== What is being asked ==
Restate every line of the data word for word, except for the images.
◇ ◇ ◇ ◇ ◇
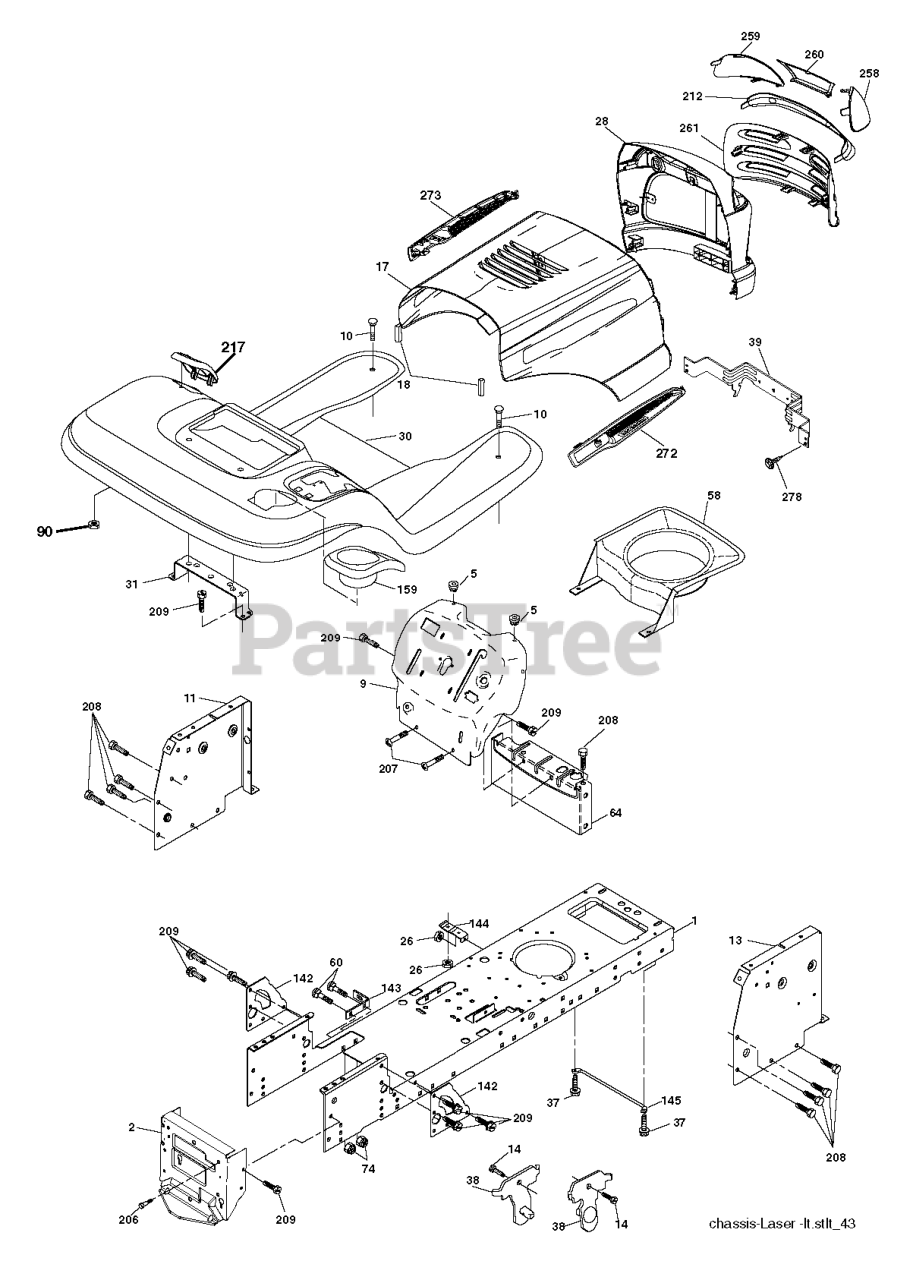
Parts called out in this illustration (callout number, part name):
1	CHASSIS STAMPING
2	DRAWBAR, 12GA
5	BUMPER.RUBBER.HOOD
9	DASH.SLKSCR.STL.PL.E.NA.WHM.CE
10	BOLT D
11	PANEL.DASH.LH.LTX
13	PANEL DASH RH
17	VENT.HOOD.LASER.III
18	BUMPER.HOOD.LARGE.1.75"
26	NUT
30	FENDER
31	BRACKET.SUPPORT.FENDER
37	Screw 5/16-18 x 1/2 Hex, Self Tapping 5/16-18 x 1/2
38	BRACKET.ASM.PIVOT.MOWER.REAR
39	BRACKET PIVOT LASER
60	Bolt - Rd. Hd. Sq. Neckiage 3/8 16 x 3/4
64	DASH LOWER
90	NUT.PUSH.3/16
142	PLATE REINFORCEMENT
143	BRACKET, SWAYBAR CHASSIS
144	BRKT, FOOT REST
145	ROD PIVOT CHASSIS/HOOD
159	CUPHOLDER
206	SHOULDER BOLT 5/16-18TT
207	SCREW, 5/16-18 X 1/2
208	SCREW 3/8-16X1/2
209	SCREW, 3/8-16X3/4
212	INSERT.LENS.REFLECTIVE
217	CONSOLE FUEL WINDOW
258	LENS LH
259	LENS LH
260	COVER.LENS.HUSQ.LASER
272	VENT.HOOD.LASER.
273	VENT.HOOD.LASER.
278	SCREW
◇ ◇ ◇ ◇ ◇
== Answer for the task ==
Parts called out in this illustration (callout number, part name):
1	CHASSIS STAMPING
2	DRAWBAR, 12GA
5	BUMPER.RUBBER.HOOD
9	DASH.SLKSCR.STL.PL.E.NA.WHM.CE
10	BOLT D
11	PANEL.DASH.LH.LTX
13	PANEL DASH RH
17	VENT.HOOD.LASER.III
18	BUMPER.HOOD.LARGE.1.75"
26	NUT
30	FENDER
31	BRACKET.SUPPORT.FENDER
37	Screw 5/16-18 x 1/2 Hex, Self Tapping 5/16-18 x 1/2
38	BRACKET.ASM.PIVOT.MOWER.REAR
39	BRACKET PIVOT LASER
60	Bolt - Rd. Hd. Sq. Neckiage 3/8 16 x 3/4
64	DASH LOWER
90	NUT.PUSH.3/16
142	PLATE REINFORCEMENT
143	BRACKET, SWAYBAR CHASSIS
144	BRKT, FOOT REST
145	ROD PIVOT CHASSIS/HOOD
159	CUPHOLDER
206	SHOULDER BOLT 5/16-18TT
207	SCREW, 5/16-18 X 1/2
208	SCREW 3/8-16X1/2
209	SCREW, 3/8-16X3/4
212	INSERT.LENS.REFLECTIVE
217	CONSOLE FUEL WINDOW
258	LENS LH
259	LENS LH
260	COVER.LENS.HUSQ.LASER
272	VENT.HOOD.LASER.
273	VENT.HOOD.LASER.
278	SCREW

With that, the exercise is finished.